Ces derniers, après avoir évacué leurs retranchements et retraité à découvert au milieu des rizières, ont finalement trouvé refuge dans les champs d’orge qui surplombent la Dong-Ju. « Matraqués » par le pilonnage des SU-76 et sous la menace d’un bataillon de vétérans de l’APC, les « bleus » du 1/21 décrochent section par section au désespoir du Lt. Colonel Smith.
A droite, les trois compagnies du 3e bataillon APC sont prises à parti par les armes lourdes du bataillon de Jensen (canons sans recul, MG.30 et mortiers de 80).
Devant Chonui, le Lt. Colonel Tchoï voit enfin apparaître les premiers camions qui doivent convoyer son bataillon en direction de Choch’iwŏn. Mais l’embarquement prend un temps certain (les ordres tardent à lui parvenir et ses chefs de compagnies, peu enclins à partager la mauvaise réputation de leur chef, préfèrent attendre une confirmation directe du colonel commandant le régiment).
Avec une heure de retard, le convoi s'ébranle enfin.
Alors que le bataillon de Smith semble sur le point de céder, celui de Jensen reste curieusement inactif, bien en retrait de ses retranchements. Dubitatif quant à la possibilité d'arrêter l'ennemi sur la route, ce dernier est resté à couvert sur les hauteurs d'où il estime être en capacité d'arrêter l'aile gauche du 7e régiment de l'APC.

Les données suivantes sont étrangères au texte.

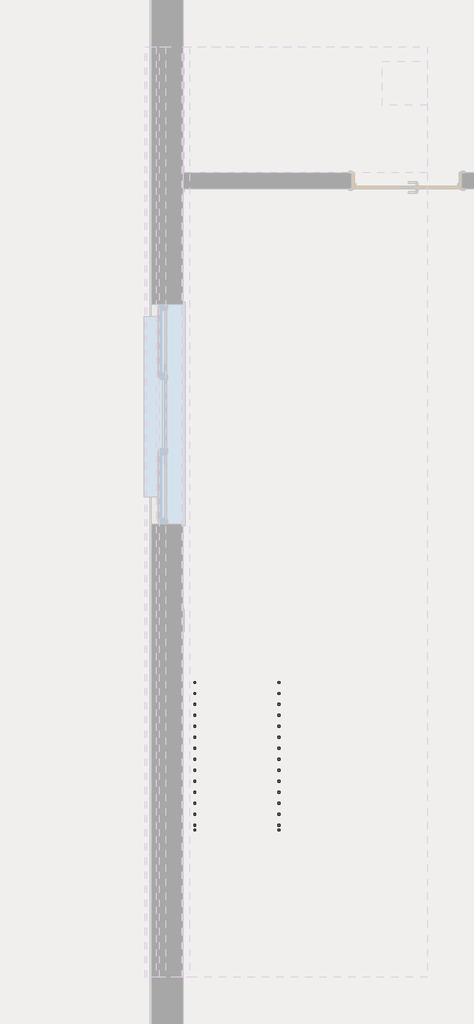
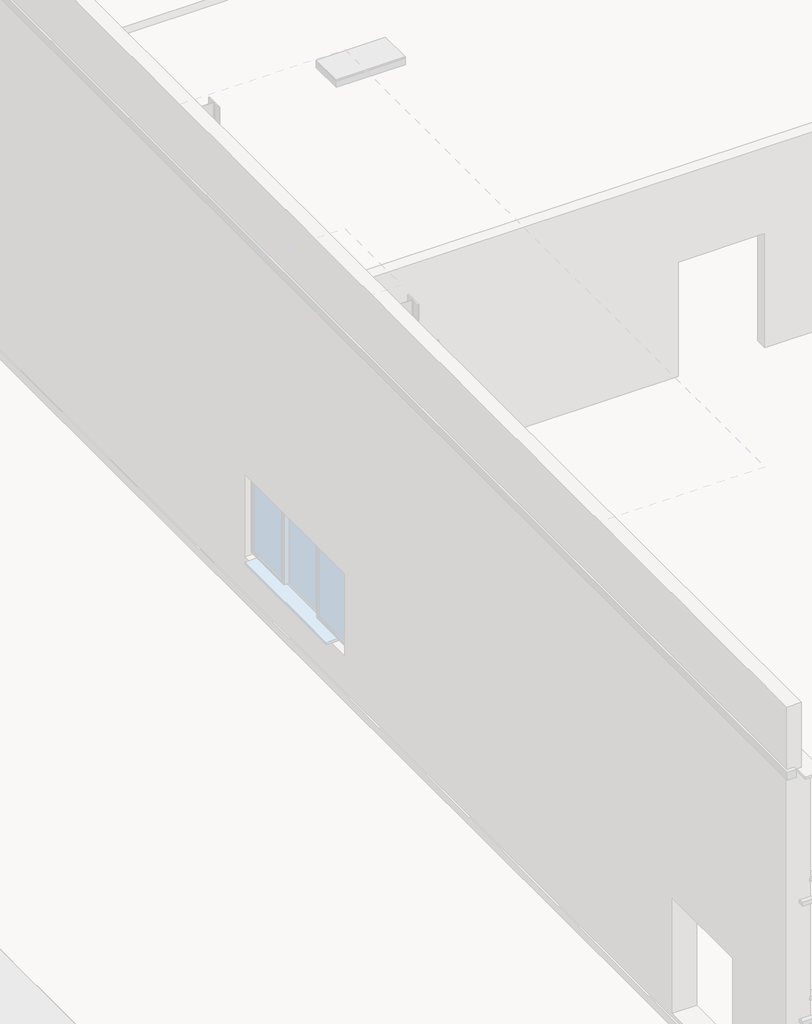
# One storey, part 7 of 13: 2 railings.
"""IFC4 building model written with IfcOpenShell, lengths in millimetres."""

from ifc_helpers import new_model, si_unit, frame, origin, place, context, project, spatial, polyline, outline, extrude, faceted_brep, element, save

model = new_model("IFC4")

# Units and contexts
model_context = context("Model", 3, world=origin())
ifc_project = project(units=[si_unit("LENGTHUNIT", "METRE", prefix="MILLI")], contexts=[model_context])

# Site, building, storey
site = spatial("IfcSite", under=ifc_project)
building = spatial("IfcBuilding", under=site)
storey = spatial("IfcBuildingStorey", under=building, Name="L0 - Ground Floor (Shadows On)", Elevation=0.0)

# Railings
placement = place(None, origin())
element("IfcRailing", 1, ObjectType="1100mm", at=placement, inside=storey, context=model_context, shape_type="SolidModel", body=[
    faceted_brep([(-5716.2916692, -13929.5546689, 1266.6666667), (-5716.2916692, -13929.5546689, 1209.4687214), (-5666.2916692, -13929.5546689, 1209.4687214), (-5666.2916692, -13929.5546689, 1266.6666667), (-5716.2916692, -11829.5546689, 2433.3333333), (-5716.2916692, -11816.5983675, 2383.3333333), (-5666.2916692, -11816.5983675, 2383.3333333), (-5666.2916692, -11829.5546689, 2433.3333333), (-5716.2916692, -10929.5546689, 2433.3333333), (-5716.2916692, -10916.5983675, 2383.3333333), (-5666.2916692, -10916.5983675, 2383.3333333), (-5666.2916692, -10929.5546689, 2433.3333333), (-5716.2916692, -8529.5546689, 3766.6666667), (-5716.2916692, -8516.5983675, 3716.6666667), (-5666.2916692, -8516.5983675, 3716.6666667), (-5666.2916692, -8529.5546689, 3766.6666667), (-5716.2916692, -7629.5546689, 3766.6666667), (-5716.2916692, -7616.5983675, 3716.6666667), (-5666.2916692, -7616.5983675, 3716.6666667), (-5666.2916692, -7629.5546689, 3766.6666667), (-5716.2916692, -5229.5546689, 5100.0), (-5666.2916692, -5229.5546689, 5100.0), (-5666.2916692, -5229.5546689, 5042.8020548), (-5716.2916692, -5229.5546689, 5042.8020548)], [[[0, 1, 2, 3]], [[1, 0, 4, 5]], [[2, 1, 5, 6]], [[3, 2, 6, 7]], [[0, 3, 7, 4]], [[5, 4, 8, 9]], [[6, 5, 9, 10]], [[7, 6, 10, 11]], [[4, 7, 11, 8]], [[9, 8, 12, 13]], [[10, 9, 13, 14]], [[11, 10, 14, 15]], [[8, 11, 15, 12]], [[13, 12, 16, 17]], [[14, 13, 17, 18]], [[15, 14, 18, 19]], [[12, 15, 19, 16]], [[20, 21, 22, 23]], [[17, 16, 20, 23]], [[18, 17, 23, 22]], [[19, 18, 22, 21]], [[16, 19, 21, 20]]]),
    extrude(outline(polyline([(-5317.0546689, 3833.3333333), (-5317.0546689, 4994.1909437), (-5292.0546689, 5008.0798326), (-5292.0546689, 3833.3333333), (-5317.0546689, 3833.3333333)])), frame((-5703.7916692, 0.0, 0.0), z_axis=(1.0, 0.0, 0.0), x_axis=(0.0, 1.0, 0.0)), (0.0, 0.0, 1.0), 25.0),
    extrude(outline(polyline([(-5467.0546689, 3833.3333333), (-5467.0546689, 4910.8576103), (-5442.0546689, 4924.7464992), (-5442.0546689, 3833.3333333), (-5467.0546689, 3833.3333333)])), frame((-5703.7916692, 0.0, 0.0), z_axis=(1.0, 0.0, 0.0), x_axis=(0.0, 1.0, 0.0)), (0.0, 0.0, 1.0), 25.0),
    extrude(outline(polyline([(-5617.0546689, 3666.6666667), (-5617.0546689, 4827.524277), (-5592.0546689, 4841.4131659), (-5592.0546689, 3666.6666667), (-5617.0546689, 3666.6666667)])), frame((-5703.7916692, 0.0, 0.0), z_axis=(1.0, 0.0, 0.0), x_axis=(0.0, 1.0, 0.0)), (0.0, 0.0, 1.0), 25.0),
    extrude(outline(polyline([(-5767.0546689, 3666.6666667), (-5767.0546689, 4744.1909437), (-5742.0546689, 4758.0798326), (-5742.0546689, 3666.6666667), (-5767.0546689, 3666.6666667)])), frame((-5703.7916692, 0.0, 0.0), z_axis=(1.0, 0.0, 0.0), x_axis=(0.0, 1.0, 0.0)), (0.0, 0.0, 1.0), 25.0),
    extrude(outline(polyline([(-5917.0546689, 3500.0), (-5917.0546689, 4660.8576103), (-5892.0546689, 4674.7464992), (-5892.0546689, 3500.0), (-5917.0546689, 3500.0)])), frame((-5703.7916692, 0.0, 0.0), z_axis=(1.0, 0.0, 0.0), x_axis=(0.0, 1.0, 0.0)), (0.0, 0.0, 1.0), 25.0),
    extrude(outline(polyline([(-6067.0546689, 3500.0), (-6067.0546689, 4577.524277), (-6042.0546689, 4591.4131659), (-6042.0546689, 3500.0), (-6067.0546689, 3500.0)])), frame((-5703.7916692, 0.0, 0.0), z_axis=(1.0, 0.0, 0.0), x_axis=(0.0, 1.0, 0.0)), (0.0, 0.0, 1.0), 25.0),
    extrude(outline(polyline([(-6217.0546689, 3333.3333333), (-6217.0546689, 4494.1909437), (-6192.0546689, 4508.0798326), (-6192.0546689, 3333.3333333), (-6217.0546689, 3333.3333333)])), frame((-5703.7916692, 0.0, 0.0), z_axis=(1.0, 0.0, 0.0), x_axis=(0.0, 1.0, 0.0)), (0.0, 0.0, 1.0), 25.0),
    extrude(outline(polyline([(-6367.0546689, 3333.3333333), (-6367.0546689, 4410.8576103), (-6342.0546689, 4424.7464992), (-6342.0546689, 3333.3333333), (-6367.0546689, 3333.3333333)])), frame((-5703.7916692, 0.0, 0.0), z_axis=(1.0, 0.0, 0.0), x_axis=(0.0, 1.0, 0.0)), (0.0, 0.0, 1.0), 25.0),
    extrude(outline(polyline([(-6517.0546689, 3166.6666667), (-6517.0546689, 4327.524277), (-6492.0546689, 4341.4131659), (-6492.0546689, 3166.6666667), (-6517.0546689, 3166.6666667)])), frame((-5703.7916692, 0.0, 0.0), z_axis=(1.0, 0.0, 0.0), x_axis=(0.0, 1.0, 0.0)), (0.0, 0.0, 1.0), 25.0),
    extrude(outline(polyline([(-6667.0546689, 3166.6666667), (-6667.0546689, 4244.1909437), (-6642.0546689, 4258.0798326), (-6642.0546689, 3166.6666667), (-6667.0546689, 3166.6666667)])), frame((-5703.7916692, 0.0, 0.0), z_axis=(1.0, 0.0, 0.0), x_axis=(0.0, 1.0, 0.0)), (0.0, 0.0, 1.0), 25.0),
    extrude(outline(polyline([(-6817.0546689, 3000.0), (-6817.0546689, 4160.8576103), (-6792.0546689, 4174.7464992), (-6792.0546689, 3000.0), (-6817.0546689, 3000.0)])), frame((-5703.7916692, 0.0, 0.0), z_axis=(1.0, 0.0, 0.0), x_axis=(0.0, 1.0, 0.0)), (0.0, 0.0, 1.0), 25.0),
    extrude(outline(polyline([(-6967.0546689, 3000.0), (-6967.0546689, 4077.524277), (-6942.0546689, 4091.4131659), (-6942.0546689, 3000.0), (-6967.0546689, 3000.0)])), frame((-5703.7916692, 0.0, 0.0), z_axis=(1.0, 0.0, 0.0), x_axis=(0.0, 1.0, 0.0)), (0.0, 0.0, 1.0), 25.0),
    extrude(outline(polyline([(-7117.0546689, 2833.3333333), (-7117.0546689, 3994.1909437), (-7092.0546689, 4008.0798326), (-7092.0546689, 2833.3333333), (-7117.0546689, 2833.3333333)])), frame((-5703.7916692, 0.0, 0.0), z_axis=(1.0, 0.0, 0.0), x_axis=(0.0, 1.0, 0.0)), (0.0, 0.0, 1.0), 25.0),
    extrude(outline(polyline([(-7267.0546689, 2833.3333333), (-7267.0546689, 3910.8576103), (-7242.0546689, 3924.7464992), (-7242.0546689, 2833.3333333), (-7267.0546689, 2833.3333333)])), frame((-5703.7916692, 0.0, 0.0), z_axis=(1.0, 0.0, 0.0), x_axis=(0.0, 1.0, 0.0)), (0.0, 0.0, 1.0), 25.0),
    extrude(outline(polyline([(-7417.0546689, 2666.6666667), (-7417.0546689, 3827.524277), (-7392.0546689, 3841.4131659), (-7392.0546689, 2666.6666667), (-7417.0546689, 2666.6666667)])), frame((-5703.7916692, 0.0, 0.0), z_axis=(1.0, 0.0, 0.0), x_axis=(0.0, 1.0, 0.0)), (0.0, 0.0, 1.0), 25.0),
    extrude(outline(polyline([(-7567.0546689, 2666.6666667), (-7567.0546689, 3744.1909437), (-7542.0546689, 3758.0798326), (-7542.0546689, 2666.6666667), (-7567.0546689, 2666.6666667)])), frame((-5703.7916692, 0.0, 0.0), z_axis=(1.0, 0.0, 0.0), x_axis=(0.0, 1.0, 0.0)), (0.0, 0.0, 1.0), 25.0),
    extrude(outline(polyline([(-5678.7916692, -7717.0546689), (-5703.7916692, -7717.0546689), (-5703.7916692, -7692.0546689), (-5678.7916692, -7692.0546689), (-5678.7916692, -7717.0546689)])), frame((0.0, 0.0, 2666.6666667), z_axis=(0.0, 0.0, 1.0), x_axis=(1.0, 0.0, 0.0)), (0.0, 0.0, 1.0), 1050.0),
    extrude(outline(polyline([(-5678.7916692, -7867.0546689), (-5703.7916692, -7867.0546689), (-5703.7916692, -7842.0546689), (-5678.7916692, -7842.0546689), (-5678.7916692, -7867.0546689)])), frame((0.0, 0.0, 2666.6666667), z_axis=(0.0, 0.0, 1.0), x_axis=(1.0, 0.0, 0.0)), (0.0, 0.0, 1.0), 1050.0),
    extrude(outline(polyline([(-5678.7916692, -8017.0546689), (-5703.7916692, -8017.0546689), (-5703.7916692, -7992.0546689), (-5678.7916692, -7992.0546689), (-5678.7916692, -8017.0546689)])), frame((0.0, 0.0, 2666.6666667), z_axis=(0.0, 0.0, 1.0), x_axis=(1.0, 0.0, 0.0)), (0.0, 0.0, 1.0), 1050.0),
    extrude(outline(polyline([(-5678.7916692, -8167.0546689), (-5703.7916692, -8167.0546689), (-5703.7916692, -8142.0546689), (-5678.7916692, -8142.0546689), (-5678.7916692, -8167.0546689)])), frame((0.0, 0.0, 2666.6666667), z_axis=(0.0, 0.0, 1.0), x_axis=(1.0, 0.0, 0.0)), (0.0, 0.0, 1.0), 1050.0),
    extrude(outline(polyline([(-5678.7916692, -8317.0546689), (-5703.7916692, -8317.0546689), (-5703.7916692, -8292.0546689), (-5678.7916692, -8292.0546689), (-5678.7916692, -8317.0546689)])), frame((0.0, 0.0, 2666.6666667), z_axis=(0.0, 0.0, 1.0), x_axis=(1.0, 0.0, 0.0)), (0.0, 0.0, 1.0), 1050.0),
    extrude(outline(polyline([(-5678.7916692, -8467.0546689), (-5703.7916692, -8467.0546689), (-5703.7916692, -8442.0546689), (-5678.7916692, -8442.0546689), (-5678.7916692, -8467.0546689)])), frame((0.0, 0.0, 2666.6666667), z_axis=(0.0, 0.0, 1.0), x_axis=(1.0, 0.0, 0.0)), (0.0, 0.0, 1.0), 1050.0),
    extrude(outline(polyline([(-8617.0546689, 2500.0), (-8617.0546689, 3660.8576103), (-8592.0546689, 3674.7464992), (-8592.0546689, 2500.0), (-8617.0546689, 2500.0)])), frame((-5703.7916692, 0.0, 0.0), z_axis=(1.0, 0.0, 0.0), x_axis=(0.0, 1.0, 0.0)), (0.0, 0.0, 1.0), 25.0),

Voyant son premier bataillon fléchir, son deuxième bataillon trop éloigné de la route pour intervenir, le colonel Stephens décide de jouer sa dernière carte en engageant la compagnie de Chaffee qu'il tenait en réserve.
Une dernière intervention massive et meurtrière de l'aviation sur la colonne blindée permet aux Américains de profiter d'un cour répit pour tenter de décrocher, en espérant que les M-24 puissent couvrir l'évacuation.
La route de Choch’iwŏn est ouverte pour l'APC. Le sort de Daejon se jouera sur la rivière Kum.